We accept that this Bill is in fulfilment of obligations under the Anglo-Irish Free Trade Area Agreement. One hopes a similar spirit of co-operation is to be found on the other side of the Irish Sea. In respect of some provisions of the Anglo-Irish Free Trade Area Agreement the British Government would appear not to take them too seriously. Cheese is one case and I think there is the problem of cream as well. Another issue that arises on that is whether they have taken seriously the obligation imposed on them with regard to the question of giving preference in state contracts to goods. I have heard it said that in Northern Ireland this part of the agreement has not been implemented by the Northern Ireland Government, now suspended, and taken over by the British Government. I should like to feel that if we are implementing loyally and legalistically every provision of this agreement we are insisting that the British Government do likewise in Britain and Northern Ireland. We are entitled to that if we are to introduce this kind of legislation here.
On the Bill itself—the Title of which has given rise to some levity, increased perhaps by the Taoiseach's references yesterday and today to mature politicians—we recognise the need for it but there are a few points of clarification which we might have been given in the opening speech. I find persistently in dealing with legislation that the opening speeches by Ministers do not clarify aspects of the Bill and therefore make it very difficult for us to decide whether any action is required on Committee Stage. When I try to raise points I am told: "That is a Committee Stage matter." One cannot know whether there is a matter for the Committee Stage unless one understands the reasons for the provisions in the Bill.
I note that the Bill as drafted talks about vodka—
that consists of spirits which have had a flavour communicated thereto or an ingredient or material mixed therewith.
Does this mean there is a special kind of vodka which is adulterated in some way and that the Bill does not apply to pure vodka, or is all vodka adulterated in this way and, if so, why is it necessary to define the vodka in question in this way? The wording must have some significance and we should be told whether all vodkas are adulterated, in which case the definition would appear to be tautologous, or whether the Bill applies only to certain kinds of vodka. I know nothing about vodka, I speak in complete ignorance, but we should have some explanations given to us for the reason for that.
At section 1 (2) the drafting follows that curious method of having three negatives, one inside the other. It reads:
vodka shall not be deemed to have been manufactured in the United Kingdom unless it has been made in the United Kingdom from spirits which have been manufactured there from materials other than materials falling within Tariff Heading number 22.08 or Tariff Heading number 22.09...

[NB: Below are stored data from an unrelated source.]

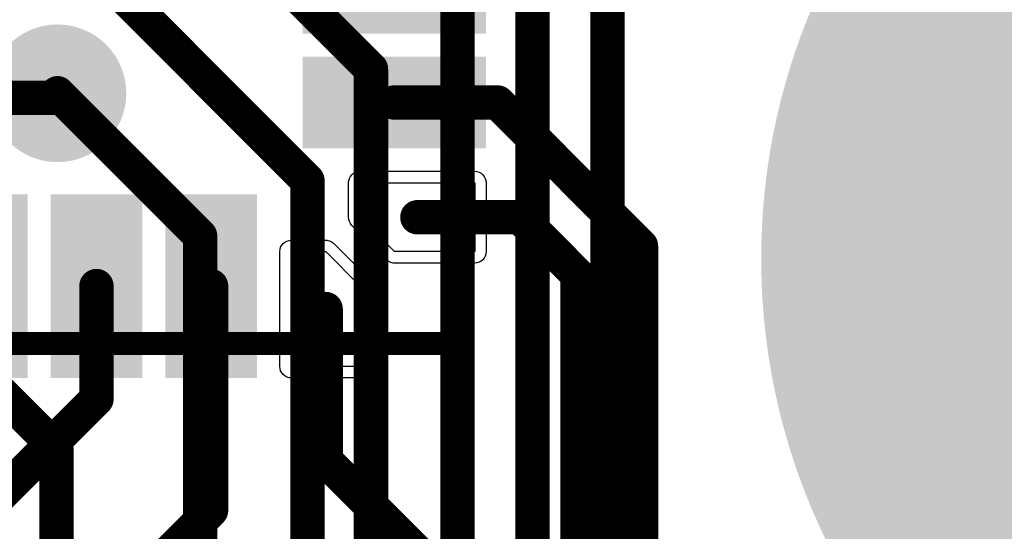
# Model space of a CAD drawing. Header units: inches. Extents: x 0 to 41, y 0 to 25.4.
# Tile 16 of 18: x 30.5 to 34.8, y 19.5 to 21.7. Entities that reach past the tile are written whole.
import ezdxf

# ---------------------------------------------------------------- set-up
doc = ezdxf.new("R2010")
doc.units = ezdxf.units.IN
for name, color, linetype in [('BOTTOM', 5, 'Continuous'), ('Bottom Solder', 6, 'Continuous'), ('TOP', 1, 'Continuous'), ('Top Assembly', 56, 'Continuous'), ('Top Overlay', 2, 'Continuous'), ('Top Solder', 216, 'Continuous'), ('Via Holes', 16, 'Continuous')]:
    doc.layers.add(name, color=color, linetype=linetype)

# ---------------------------------------------------------------- blocks, each defined once
blk = doc.blocks.new('UFQFPN20_3385')
at = {"layer": 'TOP'}
for points in [[(-0.6499986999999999, 1.65000051), (-0.3499993, 1.65000051), (-0.3499993, 0.9499993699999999), (-0.6499986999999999, 0.9499993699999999)], [(-0.1499997, 1.65000051), (0.1499997, 1.65000051), (0.1499997, 0.9499993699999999), (-0.1499997, 0.9499993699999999)], [(0.3499993, 1.65000051), (0.6499986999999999, 1.65000051), (0.6499986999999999, 0.9499993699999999), (0.3499993, 0.9499993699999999)], [(-1.65000051, 0.3499993), (-1.65000051, 0.6499986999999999), (-0.9499993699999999, 0.6499986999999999), (-0.9499993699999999, 0.3499993)], [(0.9499993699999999, 0.3499993), (0.9499993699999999, 0.6499986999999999), (1.65000051, 0.6499986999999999), (1.65000051, 0.3499993)], [(-1.65000051, -0.1499997), (-1.65000051, 0.1499997), (-0.9499993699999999, 0.1499997), (-0.9499993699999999, -0.1499997)], [(0.9499993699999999, -0.1499997), (0.9499993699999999, 0.1499997), (1.65000051, 0.1499997), (1.65000051, -0.1499997)], [(-1.65000051, -0.6499986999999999), (-1.65000051, -0.3499993), (-0.9499993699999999, -0.3499993), (-0.9499993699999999, -0.6499986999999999)], [(0.9499993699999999, -0.6499986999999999), (0.9499993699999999, -0.3499993), (1.65000051, -0.3499993), (1.65000051, -0.6499986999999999)], [(-0.6499986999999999, -0.9499993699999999), (-0.3499993, -0.9499993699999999), (-0.3499993, -1.65000051), (-0.6499986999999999, -1.65000051)], [(-0.1499997, -0.9499993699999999), (0.1499997, -0.9499993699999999), (0.1499997, -1.65000051), (-0.1499997, -1.65000051)], [(0.3499993, -0.9499993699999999), (0.6499986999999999, -0.9499993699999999), (0.6499986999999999, -1.65000051), (0.3499993, -1.65000051)]]:
    blk.add_hatch(color=1, dxfattribs=at).paths.add_polyline_path(points)
at = {"layer": 'Top Assembly'}
blk.add_hatch(color=56, dxfattribs=at).paths.add_polyline_path([(-1.54988514, 0.59953906), (-0.5998844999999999, 0.59953906), (-0.5998844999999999, 1.5495397), (-1.54988514, 1.5495397)])
at = {"layer": 'Top Solder'}
for points in [[(-0.6999985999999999, 1.70000041), (-0.2999994, 1.70000041), (-0.2999994, 0.8999994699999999), (-0.6999985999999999, 0.8999994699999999)], [(-0.1999996, 1.70000041), (0.1999996, 1.70000041), (0.1999996, 0.8999994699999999), (-0.1999996, 0.8999994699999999)], [(0.2999994, 1.70000041), (0.6999985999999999, 1.70000041), (0.6999985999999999, 0.8999994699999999), (0.2999994, 0.8999994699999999)], [(-1.70000041, 0.2999994), (-1.70000041, 0.6999985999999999), (-0.8999994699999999, 0.6999985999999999), (-0.8999994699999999, 0.2999994)], [(0.8999994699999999, 0.2999994), (0.8999994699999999, 0.6999985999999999), (1.70000041, 0.6999985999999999), (1.70000041, 0.2999994)], [(-1.70000041, -0.1999996), (-1.70000041, 0.1999996), (-0.8999994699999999, 0.1999996), (-0.8999994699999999, -0.1999996)], [(0.8999994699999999, -0.1999996), (0.8999994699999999, 0.1999996), (1.70000041, 0.1999996), (1.70000041, -0.1999996)], [(-1.70000041, -0.6999985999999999), (-1.70000041, -0.2999994), (-0.8999994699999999, -0.2999994), (-0.8999994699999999, -0.6999985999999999)], [(0.8999994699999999, -0.6999985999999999), (0.8999994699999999, -0.2999994), (1.70000041, -0.2999994), (1.70000041, -0.6999985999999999)], [(-0.6999985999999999, -0.8999994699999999), (-0.2999994, -0.8999994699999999), (-0.2999994, -1.70000041), (-0.6999985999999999, -1.70000041)], [(-0.1999996, -0.8999994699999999), (0.1999996, -0.8999994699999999), (0.1999996, -1.70000041), (-0.1999996, -1.70000041)], [(0.2999994, -0.8999994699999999), (0.6999985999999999, -0.8999994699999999), (0.6999985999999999, -1.70000041), (0.2999994, -1.70000041)]]:
    blk.add_hatch(color=216, dxfattribs=at).paths.add_polyline_path(points)
at = {"layer": 'TOP'}
for p, q in [((-1.15000024, 1.64999924), (-1.15000024, 1.29999994)), ((-0.8500008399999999, 1.64999924), (-1.15000024, 1.64999924)), ((-0.8500008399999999, 1.15000024), (-0.8500008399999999, 1.64999924)), ((0.8500008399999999, 1.15000024), (0.8500008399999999, 1.64999924)), ((0.8500008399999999, 1.64999924), (1.15000024, 1.64999924)), ((1.15000024, 1.64999924), (1.15000024, 1.29999994)), ((-1.15000024, 1.29999994), (-1.00000054, 1.15000024)), ((1.15000024, 1.29999994), (1.00000054, 1.15000024)), ((-1.64999924, 0.8500008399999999), (-1.64999924, 1.15000024)), ((-1.64999924, 1.15000024), (-1.29999994, 1.15000024)), ((-1.29999994, 1.15000024), (-1.15000024, 1.00000054)), ((-1.00000054, 1.15000024), (-0.8500008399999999, 1.15000024)), ((1.00000054, 1.15000024), (0.8500008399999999, 1.15000024)), ((1.15000024, 1.00000054), (1.29999994, 1.15000024)), ((1.29999994, 1.15000024), (1.64999924, 1.15000024)), ((1.64999924, 1.15000024), (1.64999924, 0.8500008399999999)), ((-1.15000024, 1.00000054), (-1.15000024, 0.8500008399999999)), ((1.15000024, 0.8500008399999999), (1.15000024, 1.00000054)), ((-1.15000024, 0.8500008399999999), (-1.64999924, 0.8500008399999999)), ((1.64999924, 0.8500008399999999), (1.15000024, 0.8500008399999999)), ((-1.15000024, -0.8500008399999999), (-1.64999924, -0.8500008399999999)), ((-1.64999924, -0.8500008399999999), (-1.64999924, -1.15000024)), ((-1.15000024, -1.00000054), (-1.15000024, -0.8500008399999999)), ((1.15000024, -0.8500008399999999), (1.64999924, -0.8500008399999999)), ((1.15000024, -1.00000054), (1.15000024, -0.8500008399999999)), ((1.64999924, -0.8500008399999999), (1.64999924, -1.15000024)), ((-1.29999994, -1.15000024), (-1.15000024, -1.00000054)), ((1.29999994, -1.15000024), (1.15000024, -1.00000054)), ((-1.64999924, -1.15000024), (-1.29999994, -1.15000024)), ((-1.15000024, -1.29999994), (-1.00000054, -1.15000024)), ((-1.00000054, -1.15000024), (-0.8500008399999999, -1.15000024)), ((-0.8500008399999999, -1.15000024), (-0.8500008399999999, -1.64999924)), ((0.8500008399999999, -1.64999924), (0.8500008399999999, -1.15000024)), ((0.8500008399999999, -1.15000024), (1.00000054, -1.15000024)), ((1.00000054, -1.15000024), (1.15000024, -1.29999994)), ((1.64999924, -1.15000024), (1.29999994, -1.15000024)), ((-1.15000024, -1.64999924), (-1.15000024, -1.29999994)), ((1.15000024, -1.29999994), (1.15000024, -1.64999924)), ((-0.8500008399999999, -1.64999924), (-1.15000024, -1.64999924)), ((1.15000024, -1.64999924), (0.8500008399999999, -1.64999924))]:
    blk.add_line(p, q, dxfattribs=at)
at = {"layer": 'Top Assembly', "const_width": 0.0999998}
for points in [[(-1.54999944, -1.54999944), (-1.54999944, 1.54999944)], [(-1.54999944, 1.54999944), (1.54999944, 1.54999944)], [(1.54999944, -1.54999944), (1.54999944, 1.54999944)], [(-1.54999944, -1.54999944), (1.54999944, -1.54999944)]]:
    blk.add_lwpolyline(points, dxfattribs=at)
at = {"layer": 'Top Assembly', "const_width": 0.0499999}
for points in [[(-1.57499812, 1.54999944, 1), (-1.52500076, 1.54999944, 1)], [(-1.57499812, 1.54999944, 1), (-1.52500076, 1.54999944, 1)], [(1.52500076, 1.54999944, 1), (1.57499812, 1.54999944, 1)], [(1.52500076, 1.54999944, 1), (1.57499812, 1.54999944, 1)], [(-1.57499812, -1.54999944, 1), (-1.52500076, -1.54999944, 1)], [(-1.57499812, -1.54999944, 1), (-1.52500076, -1.54999944, 1)], [(1.52500076, -1.54999944, 1), (1.57499812, -1.54999944, 1)], [(1.52500076, -1.54999944, 1), (1.57499812, -1.54999944, 1)]]:
    blk.add_lwpolyline(points, format="xyb", close=True, dxfattribs=at)
at = {"layer": 'Top Overlay'}
for points, const_width in [([(-1.75299878, 1.778, 1), (-1.80300122, 1.778, 1)], 0.2499995), ([(-1.86550046, 1.778, 1), (-1.74050198, 1.778, 1)], 0.12499848), ([(-1.81549802, 1.778, 1), (-1.69049954, 1.778, 1)], 0.12499848)]:
    blk.add_lwpolyline(points, format="xyb", close=True, dxfattribs=dict(at, const_width=const_width))
at = {"layer": 'Top Solder'}
for p, q in [((-1.1964162, 1.6692245), (-1.19177308, 1.6779113)), ((-1.19177308, 1.6779113), (-1.18552722, 1.68552622)), ((-1.18552722, 1.68552622), (-1.1779123, 1.69177208)), ((-1.1779123, 1.69177208), (-1.1692255, 1.6964152)), ((-1.1692255, 1.6964152), (-1.1598021, 1.69927524)), ((-1.1598021, 1.69927524), (-1.15000024, 1.70024044)), ((-1.15000024, 1.70024044), (-0.8500008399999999, 1.70024044)), ((-0.8500008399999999, 1.70024044), (-0.84019898, 1.69927524)), ((-0.84019898, 1.69927524), (-0.83077558, 1.6964152)), ((-0.83077558, 1.6964152), (-0.8220887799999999, 1.69177208)), ((-0.8220887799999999, 1.69177208), (-0.81447386, 1.68552622)), ((-0.81447386, 1.68552622), (-0.808228, 1.6779113)), ((-0.808228, 1.6779113), (-0.8035848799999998, 1.6692245)), ((0.8035848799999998, 1.6692245), (0.808228, 1.6779113)), ((0.808228, 1.6779113), (0.81447386, 1.68552622)), ((0.81447386, 1.68552622), (0.8220887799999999, 1.69177208)), ((0.8220887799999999, 1.69177208), (0.83077558, 1.6964152)), ((0.83077558, 1.6964152), (0.84019898, 1.69927524)), ((0.84019898, 1.69927524), (0.8500008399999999, 1.70024044)), ((0.8500008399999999, 1.70024044), (1.15000024, 1.70024044)), ((1.15000024, 1.70024044), (1.1598021, 1.69927524)), ((1.1598021, 1.69927524), (1.1692255, 1.6964152)), ((1.1692255, 1.6964152), (1.1779123, 1.69177208)), ((1.1779123, 1.69177208), (1.18552722, 1.68552622)), ((1.18552722, 1.68552622), (1.19177308, 1.6779113)), ((1.19177308, 1.6779113), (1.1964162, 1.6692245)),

I often wonder why it is necessary to work in such a devious way in drafting legislation. The Parliamentary Secretary should tell us what are these materials under Tariff Headings 22.08 and 22.09. It would appear here that the type of vodka we are dealing with is not only vodka which has the flavour communicated to it or ingredients or materials mixed with it, but that it must not be made from particular materials. What are these materials? Why do they have to be disguised in this way? Clearly there is some restriction here. What kind of vodka are we excluding and why?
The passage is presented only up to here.